── Input data ──

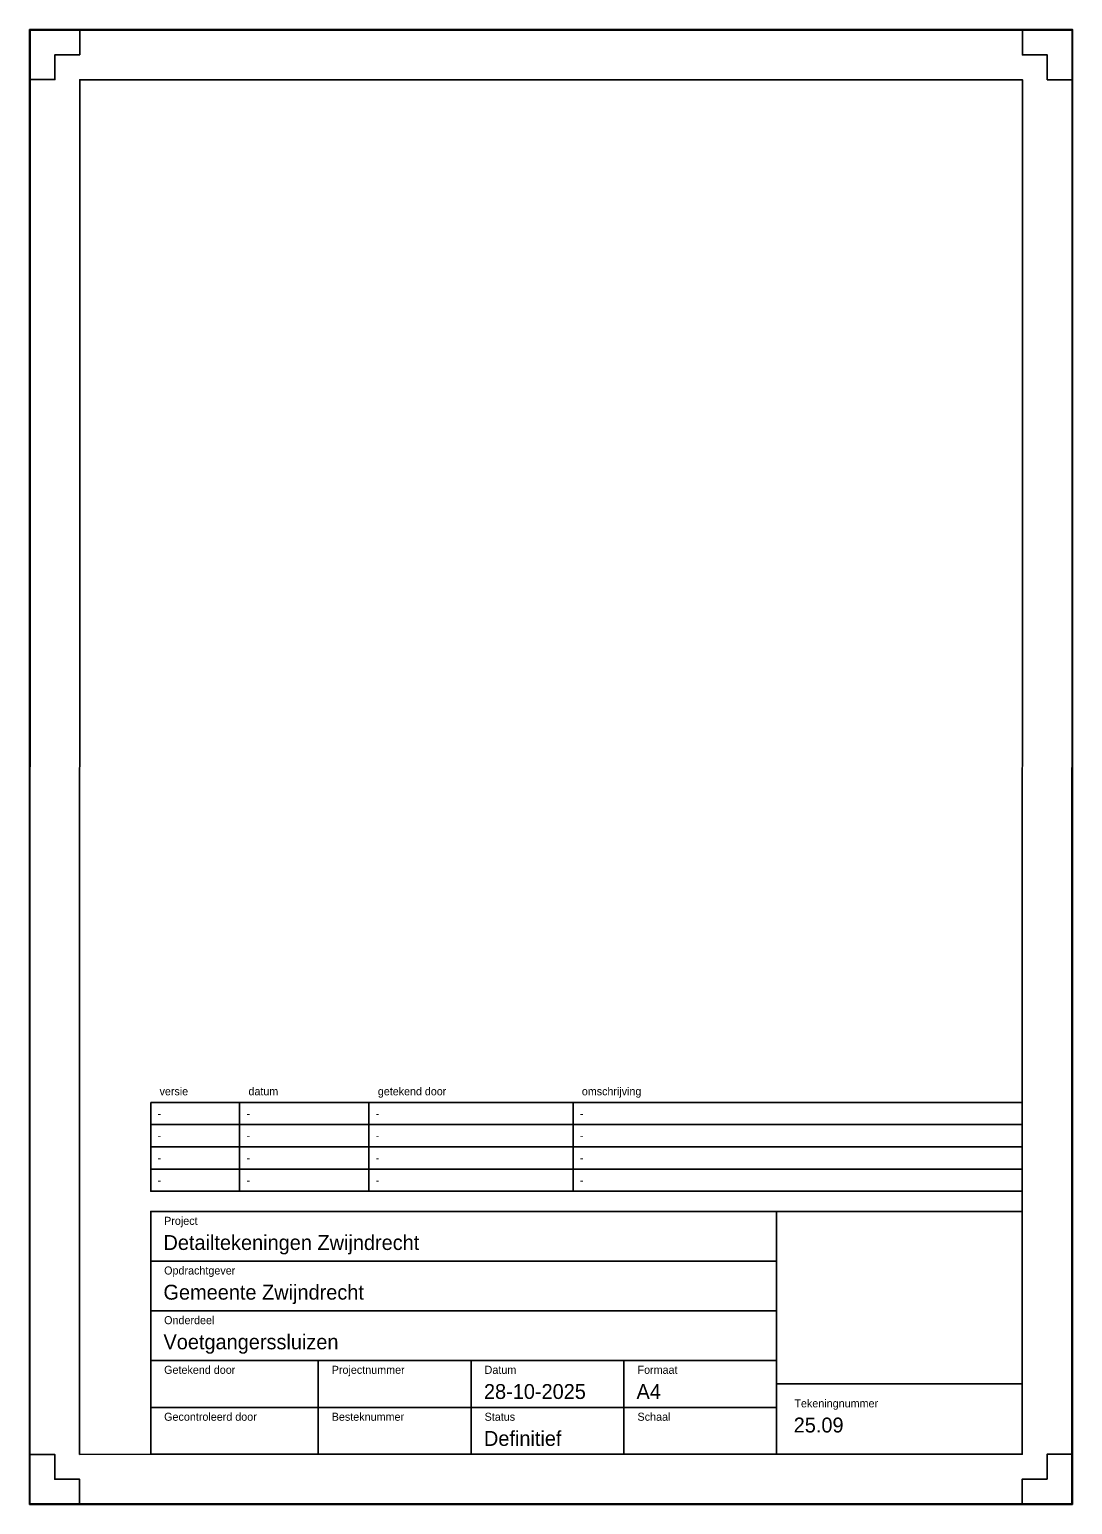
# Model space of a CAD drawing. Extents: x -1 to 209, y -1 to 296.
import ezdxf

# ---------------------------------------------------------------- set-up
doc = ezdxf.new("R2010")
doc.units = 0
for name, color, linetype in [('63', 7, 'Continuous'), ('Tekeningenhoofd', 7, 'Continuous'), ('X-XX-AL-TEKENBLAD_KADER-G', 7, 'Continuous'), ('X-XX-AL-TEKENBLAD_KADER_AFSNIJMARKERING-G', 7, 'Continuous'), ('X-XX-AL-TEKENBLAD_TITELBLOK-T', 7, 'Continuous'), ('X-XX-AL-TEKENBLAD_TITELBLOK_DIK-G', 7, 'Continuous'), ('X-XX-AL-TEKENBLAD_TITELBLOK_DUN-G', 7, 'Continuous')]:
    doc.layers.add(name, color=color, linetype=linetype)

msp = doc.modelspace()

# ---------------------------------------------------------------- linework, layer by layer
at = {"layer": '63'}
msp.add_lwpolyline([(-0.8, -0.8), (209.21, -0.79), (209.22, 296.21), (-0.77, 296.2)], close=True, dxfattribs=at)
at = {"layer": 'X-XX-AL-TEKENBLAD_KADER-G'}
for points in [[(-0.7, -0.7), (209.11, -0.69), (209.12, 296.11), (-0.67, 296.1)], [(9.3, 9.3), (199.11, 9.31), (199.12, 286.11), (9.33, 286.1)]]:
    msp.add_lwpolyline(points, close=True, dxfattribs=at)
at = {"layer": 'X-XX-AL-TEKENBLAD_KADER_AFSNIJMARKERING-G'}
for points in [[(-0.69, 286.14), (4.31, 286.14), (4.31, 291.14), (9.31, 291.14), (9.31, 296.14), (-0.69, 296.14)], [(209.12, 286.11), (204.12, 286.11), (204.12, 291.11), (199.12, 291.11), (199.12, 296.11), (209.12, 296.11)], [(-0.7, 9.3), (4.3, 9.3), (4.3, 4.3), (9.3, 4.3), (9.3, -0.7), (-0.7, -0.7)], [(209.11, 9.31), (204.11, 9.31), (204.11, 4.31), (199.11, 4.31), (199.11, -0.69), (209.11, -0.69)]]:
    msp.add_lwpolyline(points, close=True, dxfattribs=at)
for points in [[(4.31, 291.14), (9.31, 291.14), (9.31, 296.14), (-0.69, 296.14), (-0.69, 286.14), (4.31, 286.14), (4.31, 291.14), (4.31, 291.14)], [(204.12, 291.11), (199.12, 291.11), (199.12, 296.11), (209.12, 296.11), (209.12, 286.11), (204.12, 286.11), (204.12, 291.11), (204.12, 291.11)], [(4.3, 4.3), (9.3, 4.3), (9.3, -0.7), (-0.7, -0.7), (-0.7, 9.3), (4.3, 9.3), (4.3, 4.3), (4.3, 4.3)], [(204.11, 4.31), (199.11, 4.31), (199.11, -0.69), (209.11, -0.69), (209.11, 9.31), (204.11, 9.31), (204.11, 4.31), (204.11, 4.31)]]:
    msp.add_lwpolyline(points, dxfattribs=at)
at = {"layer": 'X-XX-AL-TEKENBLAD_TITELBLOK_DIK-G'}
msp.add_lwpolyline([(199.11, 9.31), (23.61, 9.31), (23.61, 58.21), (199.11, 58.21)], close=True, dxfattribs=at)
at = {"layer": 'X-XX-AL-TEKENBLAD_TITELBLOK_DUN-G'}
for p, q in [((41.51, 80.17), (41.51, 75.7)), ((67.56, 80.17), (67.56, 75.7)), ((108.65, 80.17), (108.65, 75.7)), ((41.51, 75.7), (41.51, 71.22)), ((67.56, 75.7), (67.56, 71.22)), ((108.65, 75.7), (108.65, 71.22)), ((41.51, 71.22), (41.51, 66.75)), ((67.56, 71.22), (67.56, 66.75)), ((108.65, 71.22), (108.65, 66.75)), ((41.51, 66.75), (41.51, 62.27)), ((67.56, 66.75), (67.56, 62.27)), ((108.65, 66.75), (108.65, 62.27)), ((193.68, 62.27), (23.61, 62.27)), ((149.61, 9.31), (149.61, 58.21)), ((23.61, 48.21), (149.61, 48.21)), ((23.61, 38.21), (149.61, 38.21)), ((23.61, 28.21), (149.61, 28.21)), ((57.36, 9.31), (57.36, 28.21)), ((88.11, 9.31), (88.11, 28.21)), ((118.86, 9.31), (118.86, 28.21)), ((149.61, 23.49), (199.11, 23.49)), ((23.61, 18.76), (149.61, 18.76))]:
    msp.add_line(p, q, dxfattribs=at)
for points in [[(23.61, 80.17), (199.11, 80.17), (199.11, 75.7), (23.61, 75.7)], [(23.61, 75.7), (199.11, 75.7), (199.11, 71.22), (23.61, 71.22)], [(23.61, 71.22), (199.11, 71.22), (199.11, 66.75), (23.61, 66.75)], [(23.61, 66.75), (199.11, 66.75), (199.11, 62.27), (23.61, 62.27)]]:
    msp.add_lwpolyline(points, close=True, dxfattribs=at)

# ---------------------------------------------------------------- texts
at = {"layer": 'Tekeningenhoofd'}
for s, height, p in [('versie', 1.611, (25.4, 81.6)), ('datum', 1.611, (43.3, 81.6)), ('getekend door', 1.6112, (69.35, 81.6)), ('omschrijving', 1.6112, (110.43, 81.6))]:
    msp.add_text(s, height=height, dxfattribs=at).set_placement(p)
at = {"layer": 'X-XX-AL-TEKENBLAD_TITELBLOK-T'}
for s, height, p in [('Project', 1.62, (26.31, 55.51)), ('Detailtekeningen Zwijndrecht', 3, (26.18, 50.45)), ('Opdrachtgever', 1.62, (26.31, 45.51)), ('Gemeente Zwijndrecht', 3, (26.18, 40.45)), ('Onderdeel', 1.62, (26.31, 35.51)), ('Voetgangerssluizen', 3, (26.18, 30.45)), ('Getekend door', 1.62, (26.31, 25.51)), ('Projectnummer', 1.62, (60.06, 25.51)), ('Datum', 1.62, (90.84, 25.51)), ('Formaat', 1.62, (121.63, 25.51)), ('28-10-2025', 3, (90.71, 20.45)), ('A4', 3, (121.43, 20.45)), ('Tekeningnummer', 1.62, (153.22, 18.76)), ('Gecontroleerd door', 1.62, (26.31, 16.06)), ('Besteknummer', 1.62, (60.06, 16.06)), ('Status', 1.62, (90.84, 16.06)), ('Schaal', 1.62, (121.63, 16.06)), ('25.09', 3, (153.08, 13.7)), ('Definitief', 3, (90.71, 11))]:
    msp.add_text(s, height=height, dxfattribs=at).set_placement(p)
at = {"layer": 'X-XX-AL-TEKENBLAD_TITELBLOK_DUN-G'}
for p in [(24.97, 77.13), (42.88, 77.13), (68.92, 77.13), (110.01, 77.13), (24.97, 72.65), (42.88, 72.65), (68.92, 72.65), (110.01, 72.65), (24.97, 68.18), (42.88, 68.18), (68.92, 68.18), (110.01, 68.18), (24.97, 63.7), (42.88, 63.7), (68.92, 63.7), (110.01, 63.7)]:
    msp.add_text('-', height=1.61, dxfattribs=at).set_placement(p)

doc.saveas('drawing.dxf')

───

Problem to solve:
Check the lines above and copy each one that includes "drawing".

The answer:
# Model space of a CAD drawing. Extents: x -1 to 209, y -1 to 296.
doc.saveas('drawing.dxf')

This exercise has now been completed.